→ DESCRIPTION OF THE TASK
No pictures should appear in the copy; otherwise retype the entries exactly.

Start of RECORD SET

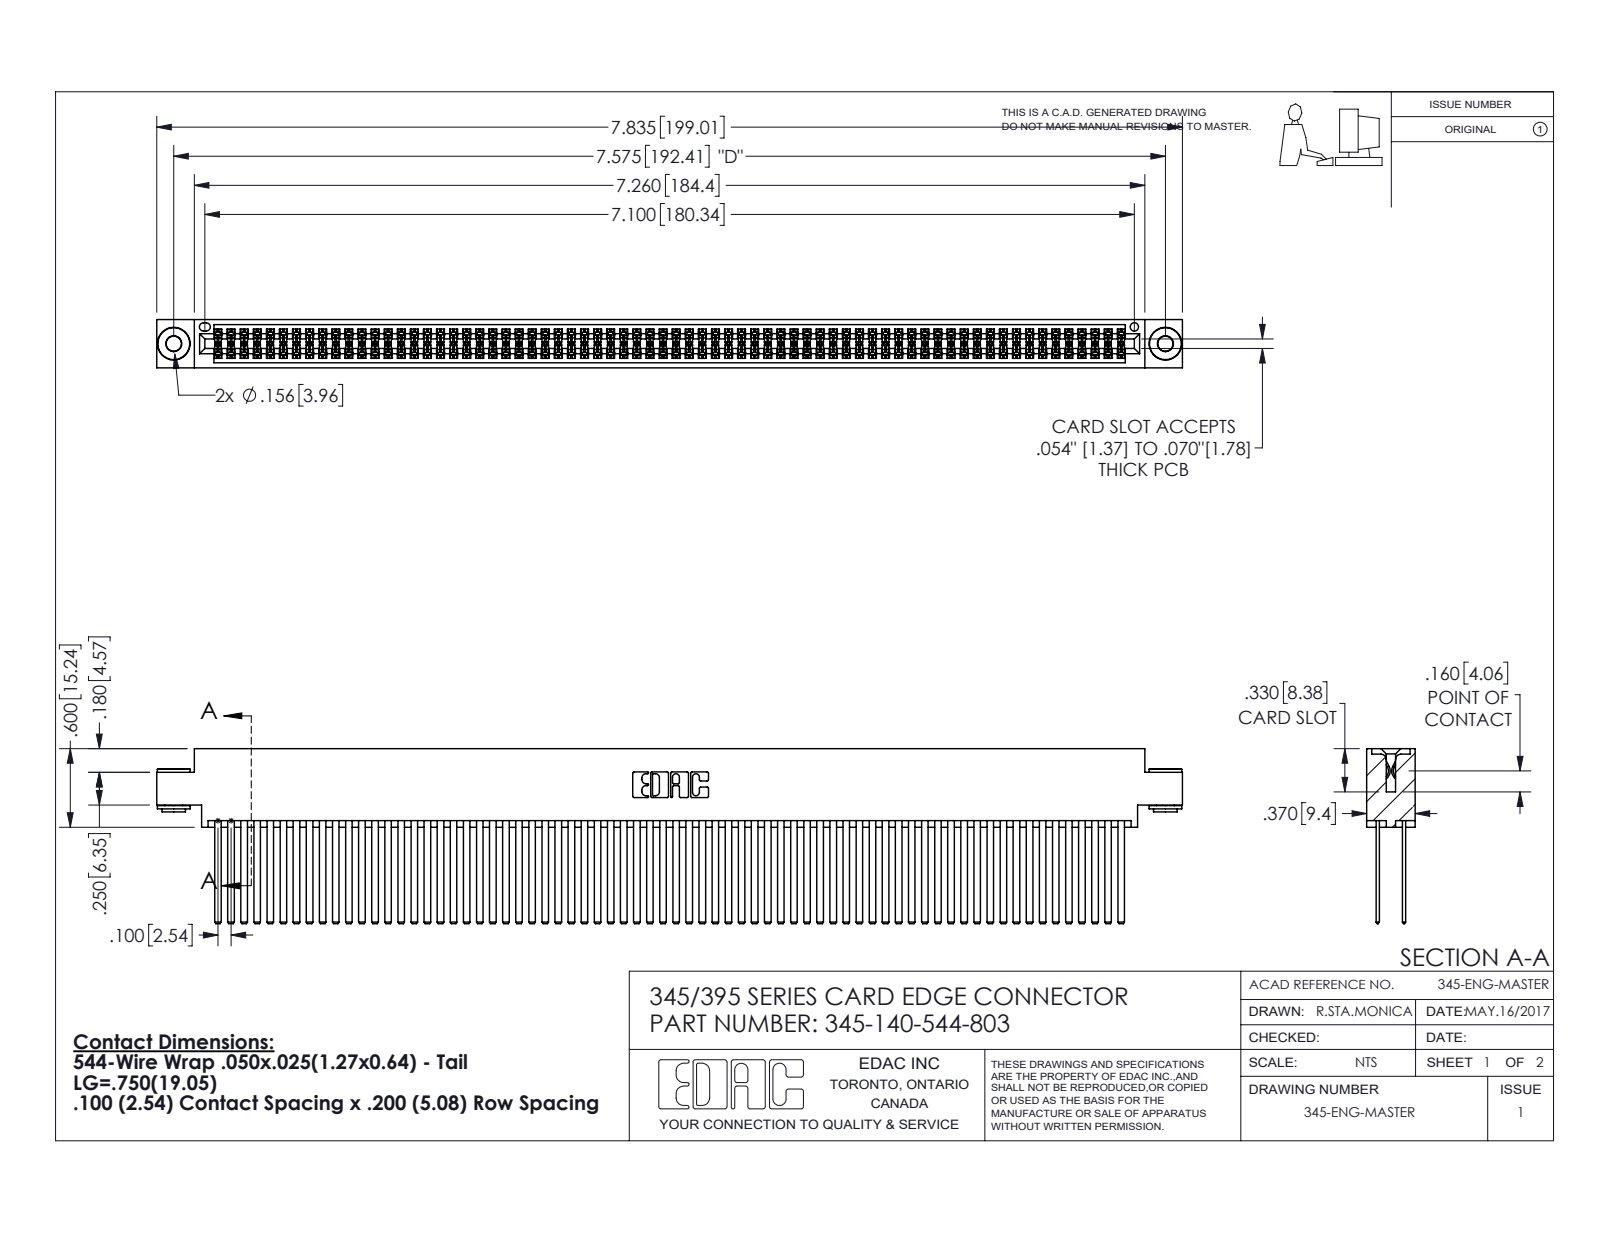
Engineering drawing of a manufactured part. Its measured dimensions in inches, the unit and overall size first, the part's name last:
Units: inches
Overall size (bounding box): 7.835 × 1.337 × 0.37
Round holes (diameter × count): ⌀0.116 ×2, ⌀0.156 ×2, ⌀0.064 ×1
Round bosses / shafts (diameter × count): ⌀0.25 ×2, ⌀0.18 ×2, ⌀0.136 ×2
Partial cylindrical surfaces — rounded edges, fillets, slot ends (radius × count): R0.006 ×210, R0.01 ×22, R0.007 ×6, R0.031 ×6, R0.026 ×3, R0.014 ×2, R0.019 ×2, R0.022 ×2
Main face-to-face distances: 0.2, 0.025, 0.072, 0.098, 0.272, 0.298, 0.225, 0.175, 0.37, 0.15
Hole centre spacings: 0.27, 7.339, 7.575
Volume: 1.31 in³ · Surface area: 59.47 in²
Bodies: 143 solids, 6328 faces (4154 planar, 2166 cylindrical, 8 other)
Part name (STEP PRODUCT): 345-292-001_345-293-144; 345-140-544-803; 345-250-002_345-250-002-102; 345 Part_0.170 Offset - 0.156 Dia-TH
STEP written by: SolidWorks 2016 (CONFIG_CONTROL_DESIGN)

End of RECORD SET

→ TASK RESPONSE
Engineering drawing of a manufactured part. Its measured dimensions in inches, the unit and overall size first, the part's name last:
Units: inches
Overall size (bounding box): 7.835 × 1.337 × 0.37
Round holes (diameter × count): ⌀0.116 ×2, ⌀0.156 ×2, ⌀0.064 ×1
Round bosses / shafts (diameter × count): ⌀0.25 ×2, ⌀0.18 ×2, ⌀0.136 ×2
Partial cylindrical surfaces — rounded edges, fillets, slot ends (radius × count): R0.006 ×210, R0.01 ×22, R0.007 ×6, R0.031 ×6, R0.026 ×3, R0.014 ×2, R0.019 ×2, R0.022 ×2
Main face-to-face distances: 0.2, 0.025, 0.072, 0.098, 0.272, 0.298, 0.225, 0.175, 0.37, 0.15
Hole centre spacings: 0.27, 7.339, 7.575
Volume: 1.31 in³ · Surface area: 59.47 in²
Bodies: 143 solids, 6328 faces (4154 planar, 2166 cylindrical, 8 other)
Part name (STEP PRODUCT): 345-292-001_345-293-144; 345-140-544-803; 345-250-002_345-250-002-102; 345 Part_0.170 Offset - 0.156 Dia-TH
STEP written by: SolidWorks 2016 (CONFIG_CONTROL_DESIGN)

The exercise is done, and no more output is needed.